De belangrijkste overweging is dat robuuste signaalgeneratie mogelijk crowding-reagentia vereist, terwijl gevoeligheid afhankelijk is van efficiënte dimerisatie en vouwing van gespleten broccoli-RNA's. Deze assay vult RNA-pull down- en gelelektroforesemethoden aan voor het bestuderen van intermoleculaire basenparing in RNA-clusters.
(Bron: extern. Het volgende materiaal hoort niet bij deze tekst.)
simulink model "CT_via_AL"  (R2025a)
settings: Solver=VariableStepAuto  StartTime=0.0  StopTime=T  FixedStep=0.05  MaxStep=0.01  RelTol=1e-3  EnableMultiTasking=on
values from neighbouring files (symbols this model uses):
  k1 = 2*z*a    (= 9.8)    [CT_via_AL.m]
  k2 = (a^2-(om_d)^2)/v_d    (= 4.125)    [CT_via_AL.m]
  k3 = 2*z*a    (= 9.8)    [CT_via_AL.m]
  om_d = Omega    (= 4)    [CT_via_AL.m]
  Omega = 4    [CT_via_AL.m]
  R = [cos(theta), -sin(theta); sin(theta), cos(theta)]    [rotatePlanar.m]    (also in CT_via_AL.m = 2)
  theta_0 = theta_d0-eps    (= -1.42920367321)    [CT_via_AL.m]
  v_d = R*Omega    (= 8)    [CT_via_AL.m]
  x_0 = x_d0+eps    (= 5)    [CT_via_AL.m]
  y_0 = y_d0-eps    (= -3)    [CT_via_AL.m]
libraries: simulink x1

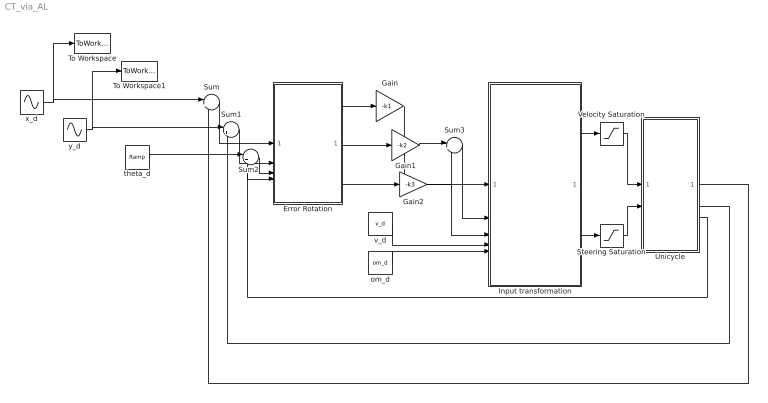
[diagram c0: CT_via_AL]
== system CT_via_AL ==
  Error Rotation : Subsystem
  Gain : Gain  Gain=-k1
  Gain1 : Gain  Gain=-k2
  Gain2 : Gain  Gain=-k3
  Input transformation : Subsystem
  Steering Saturation : Saturate  UpperLimit=1000  LowerLimit=-1000
  Sum : Sum  Inputs=|+-
  Sum1 : Sum  Inputs=|+-
  Sum2 : Sum  Inputs=|+-
  Sum3 : Sum  Inputs=|++
  To Workspace : ToWorkspace  VariableName=x_d  SampleTime=-1
  To Workspace1 : ToWorkspace  VariableName=y_d  SampleTime=-1
  Unicycle : Subsystem
  Velocity Saturation : Saturate  UpperLimit=1000  LowerLimit=-1000
  om_d : Constant  Value=om_d
  theta_d : simulink/Sources/Ramp  slope=Omega  start=0  InitialOutput=pi/2
  v_d : Constant  Value=v_d
  x_d : Sin  Amplitude=R  Frequency=Omega  Phase=pi/2  SampleTime=0
  y_d : Sin  Amplitude=R  Frequency=Omega  SampleTime=0
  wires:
  Sum/1 -> Error Rotation/1(x_d - x)
  Sum1/1 -> Error Rotation/2(y_d - y)
  Sum2/1 -> Error Rotation/3(theta_d - theta)
  Error Rotation/3(e3) -> Gain2/1
  Error Rotation/1(e1) -> Gain/1
  Gain/1 -> Input transformation/1(u1)
  Sum3/1 -> Input transformation/2(u2)
  x_d/1 -> Sum/1, To Workspace/1
  y_d/1 -> To Workspace1/1, Sum1/1
  theta_d/1 -> Sum2/1
  Input transformation/1(v) -> Velocity Saturation/1
  Input transformation/2(omega) -> Steering Saturation/1
  Unicycle/3(theta) -> Error Rotation/4(theta), Sum2/2
  Unicycle/2(y) -> Sum1/2
  Unicycle/1(x) -> Sum/2
  v_d/1 -> Input transformation/4(v_d)
  om_d/1 -> Input transformation/5(omega_d)
  Velocity Saturation/1 -> Unicycle/1(v)
  Steering Saturation/1 -> Unicycle/2(omega)
  Gain2/1 -> Input transformation/3(e3), Sum3/2
  Error Rotation/2(e2) -> Gain1/1
  Gain1/1 -> Sum3/1

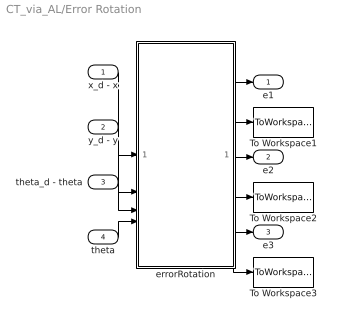
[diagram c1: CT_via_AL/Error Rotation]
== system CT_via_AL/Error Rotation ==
  x_d - x : Inport
  y_d - y : Inport  Port=2
  theta_d - theta : Inport  Port=3
  theta : Inport  Port=4
  To Workspace1 : ToWorkspace  VariableName=e1  SampleTime=-1
  To Workspace2 : ToWorkspace  VariableName=e2  SampleTime=-1
  To Workspace3 : ToWorkspace  VariableName=e3  SampleTime=-1
  errorRotation : MATLAB Function  TreatAsAtomicUnit=on
  e1 : Outport
  e2 : Outport  Port=2
  e3 : Outport  Port=3
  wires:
  x_d - x/1 -> errorRotation/1(u1)
  y_d - y/1 -> errorRotation/2(u2)
  theta_d - theta/1 -> errorRotation/3(u3)
  theta/1 -> errorRotation/4(theta)
  errorRotation/1(e1) -> To Workspace1/1, e1/1
  errorRotation/2(e2) -> To Workspace2/1, e2/1
  errorRotation/3(e3) -> To Workspace3/1, e3/1

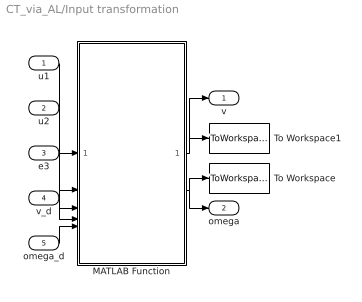
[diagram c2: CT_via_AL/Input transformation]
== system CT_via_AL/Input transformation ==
  u1 : Inport
  u2 : Inport  Port=2
  e3 : Inport  Port=3
  v_d : Inport  Port=4
  omega_d : Inport  Port=5
  MATLAB Function : MATLAB Function  TreatAsAtomicUnit=on
  To Workspace : ToWorkspace  VariableName=omega  SampleTime=-1
  To Workspace1 : ToWorkspace  VariableName=v  SampleTime=-1
  v : Outport
  omega : Outport  Port=2
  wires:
  u1/1 -> MATLAB Function/1(u1)
  u2/1 -> MATLAB Function/2(u2)
  v_d/1 -> MATLAB Function/4(v_d)
  e3/1 -> MATLAB Function/3(e3)
  omega_d/1 -> MATLAB Function/5(omega_d)
  MATLAB Function/1(v) -> To Workspace1/1, v/1
  MATLAB Function/2(omega) -> To Workspace/1, omega/1

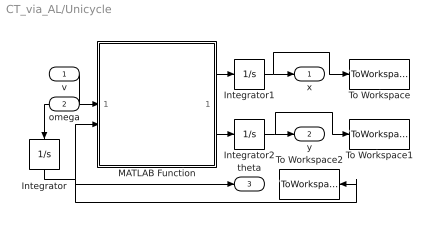
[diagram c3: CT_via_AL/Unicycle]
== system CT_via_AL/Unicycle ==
  v : Inport
  omega : Inport  Port=2
  Integrator : Integrator  InitialCondition=theta_0
  Integrator1 : Integrator  InitialCondition=x_0
  Integrator2 : Integrator  InitialCondition=y_0
  MATLAB Function : MATLAB Function  TreatAsAtomicUnit=on
  To Workspace : ToWorkspace  VariableName=x  SampleTime=-1
  To Workspace1 : ToWorkspace  VariableName=y  SampleTime=-1
  To Workspace2 : ToWorkspace  VariableName=theta  SampleTime=-1
  x : Outport
  y : Outport  Port=2
  theta : Outport  Port=3
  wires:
  omega/1 -> Integrator/1
  v/1 -> MATLAB Function/1(v)
  Integrator/1 -> MATLAB Function/2(theta), theta/1, To Workspace2/1
  MATLAB Function/1(xdot) -> Integrator1/1
  MATLAB Function/2(ydot) -> Integrator2/1
  Integrator1/1 -> x/1, To Workspace/1
  Integrator2/1 -> y/1, To Workspace1/1

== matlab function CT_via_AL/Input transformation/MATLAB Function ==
function [v,omega] = inputTransformation(u1, u2, e3, v_d, omega_d)

v = v_d.*cos(e3) - u1;
omega = omega_d - u2;

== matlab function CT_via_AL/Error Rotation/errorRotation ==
function [e1, e2, e3] = errorRotation(u1, u2, u3, theta)
%#codegen
mat = [cos(theta), sin(theta), 0;...
      -sin(theta), cos(theta), 0;...
                0,          0, 1];
e = mat*[u1; u2; u3];

e1 = e(1);
e2 = e(2);
e3 = e(3);

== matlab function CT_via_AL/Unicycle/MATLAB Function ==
function [xdot, ydot] = unicicle(v, theta)

xdot = v.*cos(theta);
ydot = v.*sin(theta);

Deze assay kan de effecten van RNA-sequenties, helicases en ionen op intermoleculaire basenparing binnen RNA-clusters onderzoeken.
This article presents a protocol for directly detecting and quantifying intermolecular base pairing in RNA clusters in vitro using a split Broccoli RNA reporter assay. The method leverages fluorescently labeled RNAs and a split aptamer system to visualize and measure RNA–RNA interactions, providing a quantitative alternative to chemical probing and computational predictions.